Speaking Saturday in her weekly video podcast, Merkel said bigotry and hatred cannot be tolerated in free societies, which are "always threatened" by anti-Semitism and racism.
"We must never accept that such ideas have a place in our democratic Europe," she said.
The German people today live in a democracy, but, she warned, "we also know that this democracy is always at risk" from the current strain of right-wing extremism present in the country, such as those who deny the World War II Holocaust.
Therefore, Merkel said, the fight against the right requires courage from all citizens, whom she urged to make certain in their everyday lives that "falsification of history has no place and that false slogans have no place" in political discussions, so that they have "no chance" of spreading.
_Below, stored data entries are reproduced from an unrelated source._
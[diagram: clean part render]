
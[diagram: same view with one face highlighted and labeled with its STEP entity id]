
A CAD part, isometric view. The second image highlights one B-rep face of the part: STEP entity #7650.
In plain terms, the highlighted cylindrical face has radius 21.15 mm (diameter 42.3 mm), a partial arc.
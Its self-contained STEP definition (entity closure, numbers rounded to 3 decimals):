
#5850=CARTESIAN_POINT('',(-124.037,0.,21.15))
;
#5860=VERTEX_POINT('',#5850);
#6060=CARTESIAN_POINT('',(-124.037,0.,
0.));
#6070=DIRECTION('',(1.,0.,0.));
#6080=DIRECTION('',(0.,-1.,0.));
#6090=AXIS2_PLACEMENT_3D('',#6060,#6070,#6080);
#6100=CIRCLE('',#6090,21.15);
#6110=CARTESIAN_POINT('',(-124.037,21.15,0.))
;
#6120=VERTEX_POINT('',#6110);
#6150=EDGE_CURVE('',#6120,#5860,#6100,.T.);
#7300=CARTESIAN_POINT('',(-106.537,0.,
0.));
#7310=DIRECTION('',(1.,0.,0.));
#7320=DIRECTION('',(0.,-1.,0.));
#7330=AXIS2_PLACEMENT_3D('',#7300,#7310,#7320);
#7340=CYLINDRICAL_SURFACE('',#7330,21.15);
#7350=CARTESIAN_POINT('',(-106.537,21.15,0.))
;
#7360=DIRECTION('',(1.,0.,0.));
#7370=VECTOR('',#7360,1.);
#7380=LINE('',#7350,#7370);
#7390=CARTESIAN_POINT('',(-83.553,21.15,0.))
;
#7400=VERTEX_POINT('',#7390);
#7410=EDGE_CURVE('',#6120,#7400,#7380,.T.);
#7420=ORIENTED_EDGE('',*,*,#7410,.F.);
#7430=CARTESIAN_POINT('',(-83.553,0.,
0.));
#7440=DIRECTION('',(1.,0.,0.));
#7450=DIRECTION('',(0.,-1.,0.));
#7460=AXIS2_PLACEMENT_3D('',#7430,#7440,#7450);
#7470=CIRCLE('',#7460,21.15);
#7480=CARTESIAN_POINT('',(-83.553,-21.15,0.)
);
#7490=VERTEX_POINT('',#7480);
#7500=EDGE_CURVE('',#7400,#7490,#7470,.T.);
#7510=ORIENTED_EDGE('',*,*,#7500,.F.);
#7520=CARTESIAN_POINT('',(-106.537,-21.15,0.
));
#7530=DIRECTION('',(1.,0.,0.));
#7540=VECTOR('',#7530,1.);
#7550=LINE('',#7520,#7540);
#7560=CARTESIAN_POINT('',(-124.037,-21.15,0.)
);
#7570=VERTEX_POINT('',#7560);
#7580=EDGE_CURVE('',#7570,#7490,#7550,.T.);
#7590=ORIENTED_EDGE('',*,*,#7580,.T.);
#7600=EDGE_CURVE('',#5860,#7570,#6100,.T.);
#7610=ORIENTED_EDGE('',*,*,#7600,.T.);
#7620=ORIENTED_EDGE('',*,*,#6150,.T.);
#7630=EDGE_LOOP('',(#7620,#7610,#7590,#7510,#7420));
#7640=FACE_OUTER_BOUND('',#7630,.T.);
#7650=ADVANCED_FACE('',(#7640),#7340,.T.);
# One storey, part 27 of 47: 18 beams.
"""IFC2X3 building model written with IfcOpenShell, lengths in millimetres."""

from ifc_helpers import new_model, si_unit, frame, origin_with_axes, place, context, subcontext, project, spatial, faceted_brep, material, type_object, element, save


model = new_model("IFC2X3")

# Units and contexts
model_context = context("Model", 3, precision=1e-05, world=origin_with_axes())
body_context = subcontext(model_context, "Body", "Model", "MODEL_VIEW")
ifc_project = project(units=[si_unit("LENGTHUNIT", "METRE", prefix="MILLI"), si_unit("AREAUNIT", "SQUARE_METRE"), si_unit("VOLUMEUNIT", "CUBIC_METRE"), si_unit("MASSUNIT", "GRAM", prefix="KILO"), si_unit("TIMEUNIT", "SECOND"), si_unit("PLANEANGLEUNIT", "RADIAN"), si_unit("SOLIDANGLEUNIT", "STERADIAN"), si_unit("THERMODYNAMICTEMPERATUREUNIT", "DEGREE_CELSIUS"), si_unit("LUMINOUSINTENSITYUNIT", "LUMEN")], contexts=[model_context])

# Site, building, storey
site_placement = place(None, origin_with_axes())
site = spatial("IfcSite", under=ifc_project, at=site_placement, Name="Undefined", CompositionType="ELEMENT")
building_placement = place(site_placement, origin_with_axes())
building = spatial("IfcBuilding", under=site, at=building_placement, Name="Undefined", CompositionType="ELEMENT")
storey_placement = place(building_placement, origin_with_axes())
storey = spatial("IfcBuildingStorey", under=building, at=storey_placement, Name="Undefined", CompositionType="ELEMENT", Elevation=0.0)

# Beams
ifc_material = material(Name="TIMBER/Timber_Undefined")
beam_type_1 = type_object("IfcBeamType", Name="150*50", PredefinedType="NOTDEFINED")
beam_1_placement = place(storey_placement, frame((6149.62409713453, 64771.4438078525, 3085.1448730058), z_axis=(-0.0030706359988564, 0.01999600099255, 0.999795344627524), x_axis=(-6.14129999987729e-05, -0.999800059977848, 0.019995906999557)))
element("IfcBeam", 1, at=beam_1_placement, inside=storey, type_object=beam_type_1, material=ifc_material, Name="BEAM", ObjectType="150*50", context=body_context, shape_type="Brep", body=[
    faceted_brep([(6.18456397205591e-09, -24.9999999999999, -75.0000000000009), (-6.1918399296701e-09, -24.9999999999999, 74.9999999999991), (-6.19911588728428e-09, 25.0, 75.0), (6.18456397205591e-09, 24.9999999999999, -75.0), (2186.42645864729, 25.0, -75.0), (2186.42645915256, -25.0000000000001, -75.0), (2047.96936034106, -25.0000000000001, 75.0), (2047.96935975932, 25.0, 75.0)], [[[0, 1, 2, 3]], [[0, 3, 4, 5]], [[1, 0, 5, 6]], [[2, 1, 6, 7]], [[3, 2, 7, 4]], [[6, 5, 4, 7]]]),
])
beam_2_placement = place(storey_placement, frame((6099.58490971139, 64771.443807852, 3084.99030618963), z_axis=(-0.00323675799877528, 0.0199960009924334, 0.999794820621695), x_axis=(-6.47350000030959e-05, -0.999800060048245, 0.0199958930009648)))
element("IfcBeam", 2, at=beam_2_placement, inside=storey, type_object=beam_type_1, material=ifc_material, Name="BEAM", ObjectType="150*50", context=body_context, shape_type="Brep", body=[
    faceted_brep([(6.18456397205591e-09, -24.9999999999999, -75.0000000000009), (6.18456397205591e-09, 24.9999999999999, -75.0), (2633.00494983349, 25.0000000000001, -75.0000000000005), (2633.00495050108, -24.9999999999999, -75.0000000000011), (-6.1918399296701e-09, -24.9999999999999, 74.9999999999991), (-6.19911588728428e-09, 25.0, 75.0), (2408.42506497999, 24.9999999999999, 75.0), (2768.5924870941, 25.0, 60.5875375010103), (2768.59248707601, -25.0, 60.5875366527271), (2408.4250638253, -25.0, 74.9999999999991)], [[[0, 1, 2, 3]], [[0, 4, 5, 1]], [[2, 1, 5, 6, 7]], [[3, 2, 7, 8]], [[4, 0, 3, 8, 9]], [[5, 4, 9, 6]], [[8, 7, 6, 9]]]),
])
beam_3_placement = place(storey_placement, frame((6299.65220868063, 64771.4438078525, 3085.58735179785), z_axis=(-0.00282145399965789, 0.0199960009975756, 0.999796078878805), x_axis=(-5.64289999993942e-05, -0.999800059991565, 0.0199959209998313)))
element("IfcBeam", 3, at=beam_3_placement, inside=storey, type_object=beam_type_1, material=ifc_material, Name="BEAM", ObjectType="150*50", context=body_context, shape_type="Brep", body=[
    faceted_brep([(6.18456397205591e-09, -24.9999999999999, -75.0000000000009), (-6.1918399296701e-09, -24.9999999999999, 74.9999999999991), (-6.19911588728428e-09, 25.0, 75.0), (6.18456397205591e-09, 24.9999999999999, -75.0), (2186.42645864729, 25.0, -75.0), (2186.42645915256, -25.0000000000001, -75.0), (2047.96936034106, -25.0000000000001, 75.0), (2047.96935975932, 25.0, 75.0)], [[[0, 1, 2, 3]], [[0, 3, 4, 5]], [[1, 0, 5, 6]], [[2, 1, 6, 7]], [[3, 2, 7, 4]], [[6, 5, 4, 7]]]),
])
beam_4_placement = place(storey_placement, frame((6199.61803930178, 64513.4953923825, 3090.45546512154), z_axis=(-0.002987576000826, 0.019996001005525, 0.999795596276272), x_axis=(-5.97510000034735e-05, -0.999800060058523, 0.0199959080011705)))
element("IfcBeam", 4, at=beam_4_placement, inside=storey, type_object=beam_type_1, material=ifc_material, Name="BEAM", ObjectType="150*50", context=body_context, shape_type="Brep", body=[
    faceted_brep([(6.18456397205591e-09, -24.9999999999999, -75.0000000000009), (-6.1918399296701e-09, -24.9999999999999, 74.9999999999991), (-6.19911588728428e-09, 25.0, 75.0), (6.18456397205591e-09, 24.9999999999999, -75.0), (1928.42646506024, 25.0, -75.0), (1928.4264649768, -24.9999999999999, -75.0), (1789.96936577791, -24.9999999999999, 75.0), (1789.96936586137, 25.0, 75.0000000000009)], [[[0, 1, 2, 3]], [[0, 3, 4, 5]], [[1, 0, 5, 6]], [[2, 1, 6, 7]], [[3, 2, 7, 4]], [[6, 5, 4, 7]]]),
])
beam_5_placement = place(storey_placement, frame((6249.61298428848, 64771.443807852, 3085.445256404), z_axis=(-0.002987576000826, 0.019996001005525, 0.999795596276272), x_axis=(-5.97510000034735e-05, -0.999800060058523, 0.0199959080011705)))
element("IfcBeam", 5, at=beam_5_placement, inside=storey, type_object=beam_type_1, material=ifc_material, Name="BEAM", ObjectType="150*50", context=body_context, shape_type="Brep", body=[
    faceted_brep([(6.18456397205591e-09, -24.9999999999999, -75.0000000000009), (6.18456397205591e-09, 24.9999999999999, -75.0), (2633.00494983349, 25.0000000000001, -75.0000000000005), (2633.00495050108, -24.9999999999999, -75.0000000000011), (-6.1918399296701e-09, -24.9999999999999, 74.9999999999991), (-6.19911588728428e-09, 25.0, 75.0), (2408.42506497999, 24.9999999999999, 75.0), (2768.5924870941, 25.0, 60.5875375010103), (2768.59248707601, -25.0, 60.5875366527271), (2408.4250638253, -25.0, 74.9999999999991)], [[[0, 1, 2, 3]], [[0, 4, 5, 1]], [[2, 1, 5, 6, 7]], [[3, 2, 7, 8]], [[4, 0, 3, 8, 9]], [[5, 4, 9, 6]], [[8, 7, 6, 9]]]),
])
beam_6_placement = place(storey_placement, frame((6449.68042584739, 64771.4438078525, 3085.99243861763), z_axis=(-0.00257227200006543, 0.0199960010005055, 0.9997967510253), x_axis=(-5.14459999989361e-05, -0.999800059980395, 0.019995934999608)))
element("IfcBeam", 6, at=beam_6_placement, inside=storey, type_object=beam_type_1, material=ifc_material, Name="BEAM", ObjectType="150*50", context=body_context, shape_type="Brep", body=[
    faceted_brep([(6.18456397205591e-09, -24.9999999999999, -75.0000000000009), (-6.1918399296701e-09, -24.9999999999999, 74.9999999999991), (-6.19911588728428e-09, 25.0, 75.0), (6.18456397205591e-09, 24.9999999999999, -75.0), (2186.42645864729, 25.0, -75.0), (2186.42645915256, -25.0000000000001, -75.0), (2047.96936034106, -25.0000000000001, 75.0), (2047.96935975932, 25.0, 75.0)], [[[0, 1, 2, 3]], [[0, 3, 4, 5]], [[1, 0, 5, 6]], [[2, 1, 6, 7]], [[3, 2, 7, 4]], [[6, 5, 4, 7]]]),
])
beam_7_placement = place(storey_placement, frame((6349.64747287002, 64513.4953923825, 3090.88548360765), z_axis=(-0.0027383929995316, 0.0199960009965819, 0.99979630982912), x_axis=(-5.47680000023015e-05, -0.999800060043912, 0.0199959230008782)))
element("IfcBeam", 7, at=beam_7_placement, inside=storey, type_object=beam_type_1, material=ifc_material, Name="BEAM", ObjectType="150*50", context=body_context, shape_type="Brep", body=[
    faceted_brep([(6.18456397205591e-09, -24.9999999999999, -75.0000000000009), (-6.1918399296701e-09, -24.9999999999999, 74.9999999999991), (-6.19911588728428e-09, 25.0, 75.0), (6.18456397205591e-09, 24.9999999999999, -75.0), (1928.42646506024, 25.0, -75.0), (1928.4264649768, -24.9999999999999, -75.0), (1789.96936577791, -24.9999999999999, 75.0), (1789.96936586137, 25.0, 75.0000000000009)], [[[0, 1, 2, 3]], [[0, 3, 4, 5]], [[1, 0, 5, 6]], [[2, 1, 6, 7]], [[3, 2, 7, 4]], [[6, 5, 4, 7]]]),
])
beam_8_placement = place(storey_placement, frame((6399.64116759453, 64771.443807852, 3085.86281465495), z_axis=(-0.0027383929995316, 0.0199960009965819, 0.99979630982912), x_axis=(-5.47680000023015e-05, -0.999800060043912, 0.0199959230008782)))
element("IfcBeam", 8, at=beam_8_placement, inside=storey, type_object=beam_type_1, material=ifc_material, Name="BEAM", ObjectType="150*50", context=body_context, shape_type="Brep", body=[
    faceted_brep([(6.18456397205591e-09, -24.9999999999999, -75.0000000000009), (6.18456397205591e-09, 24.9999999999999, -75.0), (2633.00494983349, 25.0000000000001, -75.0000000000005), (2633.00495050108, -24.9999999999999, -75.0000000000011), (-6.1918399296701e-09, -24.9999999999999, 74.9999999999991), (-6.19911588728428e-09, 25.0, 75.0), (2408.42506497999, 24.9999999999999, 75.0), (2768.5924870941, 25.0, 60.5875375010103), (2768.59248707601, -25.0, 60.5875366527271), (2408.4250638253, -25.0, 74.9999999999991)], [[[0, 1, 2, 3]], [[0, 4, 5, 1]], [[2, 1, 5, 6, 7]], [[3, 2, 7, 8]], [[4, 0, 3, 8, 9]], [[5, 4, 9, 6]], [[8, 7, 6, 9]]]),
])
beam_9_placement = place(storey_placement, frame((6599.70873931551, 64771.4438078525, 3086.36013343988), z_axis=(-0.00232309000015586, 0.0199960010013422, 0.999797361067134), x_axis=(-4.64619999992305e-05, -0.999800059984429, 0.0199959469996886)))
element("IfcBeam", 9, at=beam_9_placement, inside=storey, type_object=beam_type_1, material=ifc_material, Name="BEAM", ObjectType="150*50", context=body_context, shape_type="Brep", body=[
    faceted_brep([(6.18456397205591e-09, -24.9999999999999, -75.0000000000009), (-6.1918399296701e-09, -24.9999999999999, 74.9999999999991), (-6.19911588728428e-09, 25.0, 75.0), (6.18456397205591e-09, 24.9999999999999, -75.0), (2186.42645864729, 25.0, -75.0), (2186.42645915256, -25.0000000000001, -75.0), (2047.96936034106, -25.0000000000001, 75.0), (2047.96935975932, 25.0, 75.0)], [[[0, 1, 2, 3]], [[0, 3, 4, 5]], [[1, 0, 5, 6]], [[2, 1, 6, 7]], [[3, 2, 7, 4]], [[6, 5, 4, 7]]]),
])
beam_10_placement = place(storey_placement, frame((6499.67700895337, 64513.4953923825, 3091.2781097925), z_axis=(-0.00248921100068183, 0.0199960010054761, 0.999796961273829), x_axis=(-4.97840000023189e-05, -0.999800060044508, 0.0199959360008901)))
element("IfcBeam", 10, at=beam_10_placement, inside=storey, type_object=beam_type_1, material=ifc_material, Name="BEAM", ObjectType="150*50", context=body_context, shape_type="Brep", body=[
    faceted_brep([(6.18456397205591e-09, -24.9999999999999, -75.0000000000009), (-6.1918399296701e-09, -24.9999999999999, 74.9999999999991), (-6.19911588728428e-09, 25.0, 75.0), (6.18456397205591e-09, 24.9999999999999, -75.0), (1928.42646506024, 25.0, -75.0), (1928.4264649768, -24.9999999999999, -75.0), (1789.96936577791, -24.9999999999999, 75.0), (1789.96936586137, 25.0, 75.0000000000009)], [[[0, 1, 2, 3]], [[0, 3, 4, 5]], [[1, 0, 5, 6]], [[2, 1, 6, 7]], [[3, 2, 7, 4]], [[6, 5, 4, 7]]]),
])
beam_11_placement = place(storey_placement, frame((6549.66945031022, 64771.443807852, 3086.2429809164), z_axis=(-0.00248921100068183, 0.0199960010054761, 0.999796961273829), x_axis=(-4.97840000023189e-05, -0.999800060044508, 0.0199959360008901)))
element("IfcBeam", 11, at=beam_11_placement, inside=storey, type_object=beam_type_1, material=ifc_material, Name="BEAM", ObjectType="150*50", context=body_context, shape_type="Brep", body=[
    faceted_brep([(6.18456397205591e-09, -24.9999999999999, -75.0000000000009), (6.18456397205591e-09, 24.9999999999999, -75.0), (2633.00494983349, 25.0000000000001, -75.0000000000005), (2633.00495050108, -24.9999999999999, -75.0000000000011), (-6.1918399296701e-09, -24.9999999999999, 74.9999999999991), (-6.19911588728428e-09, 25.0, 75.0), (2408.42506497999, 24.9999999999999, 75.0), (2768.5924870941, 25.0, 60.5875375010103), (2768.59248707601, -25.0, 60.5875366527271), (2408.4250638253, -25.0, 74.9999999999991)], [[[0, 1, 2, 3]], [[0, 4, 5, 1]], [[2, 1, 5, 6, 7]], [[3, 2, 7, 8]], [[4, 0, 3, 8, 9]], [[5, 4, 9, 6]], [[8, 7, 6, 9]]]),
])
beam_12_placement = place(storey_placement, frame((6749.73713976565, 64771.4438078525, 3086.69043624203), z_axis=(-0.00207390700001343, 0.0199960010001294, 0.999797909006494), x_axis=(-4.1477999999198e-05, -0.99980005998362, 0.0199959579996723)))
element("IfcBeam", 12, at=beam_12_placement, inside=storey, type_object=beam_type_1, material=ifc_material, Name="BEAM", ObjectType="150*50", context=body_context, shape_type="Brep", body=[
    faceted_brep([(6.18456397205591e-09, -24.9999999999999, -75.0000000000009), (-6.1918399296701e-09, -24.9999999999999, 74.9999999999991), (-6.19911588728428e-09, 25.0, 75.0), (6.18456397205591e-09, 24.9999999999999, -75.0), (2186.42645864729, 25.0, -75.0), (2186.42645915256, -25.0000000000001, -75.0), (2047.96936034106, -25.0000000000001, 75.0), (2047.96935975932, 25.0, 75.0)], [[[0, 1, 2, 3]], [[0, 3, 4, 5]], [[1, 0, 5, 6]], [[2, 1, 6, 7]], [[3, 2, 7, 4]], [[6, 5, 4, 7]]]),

The German leader said she would visit the site of the Dachau concentration camp Tuesday with a sense of "shame and dismay," because "what was happening in the concentration camps themselves is and remains incomprehensible."
The fact that Jewish institutions need to be guarded by police in Germany today is "shameful," she added, but said there was a "common European consensus" to battle "very intense right-wing extremist tendencies" in member states.
Merkel's call for vigilance against extremism came less than a week after she officially launched the final leg of her campaign for a third term as chancellor, with elections set for Sept. 22.
Polls show her with wide a popularity advantage, but her opponents, including the Green and Social Democratic parties, have hit her with charges of hypocrisy on the topic right-wing extremism.
While inveighing against anti-Semitism, Merkel's actions in funding efforts to fight extremism have been lacking, Green Party member of Parliament and Bundestag vice president Katrin Goring-Eckardt told the German weekly Die Zeit.
She accused the chancellor of "years of inaction in the fight against right" and demanded, among other things, that the federal government must do more to promote democracy.
The commitment, Goring-Eckardt said, is "an ongoing task and must have a solid future financial basis," promising that a Green-SPD government would provide $67 million for the promotion of democracy and the fight against right-wing and other forms of group-focused hatred.
Even as Merkel released her podcast, Germany saw at least two weekend incidences of right-wing activity.
In the northern city of Schwerin, two unknown assailants Saturday attacked a man who was born in Afghanistan, inflicting severe injuries. Before the attack, a group of six young men in his entourage had been insulted with xenophobic remarks, the Bavarian broadcaster Bayerischer Rundfunk reported.
And in the central city of Erfurt, 300 members of an anti-Nazi group held a counter-demonstration Saturday after the right-wing National Democratic Party announced it would march in front of an Islamic-owned butcher shop to protest what it called cruelty to animals inherent in the production of halal meats.
Participants in the counter-demonstration unfurled wide banners in an effort to block the efforts of about 20 NDP members in a largely peaceful event, the Thuringen Journal reported.
Two police officers were slightly injured by kicks and two counter-demonstrators were arrested, the newspaper said.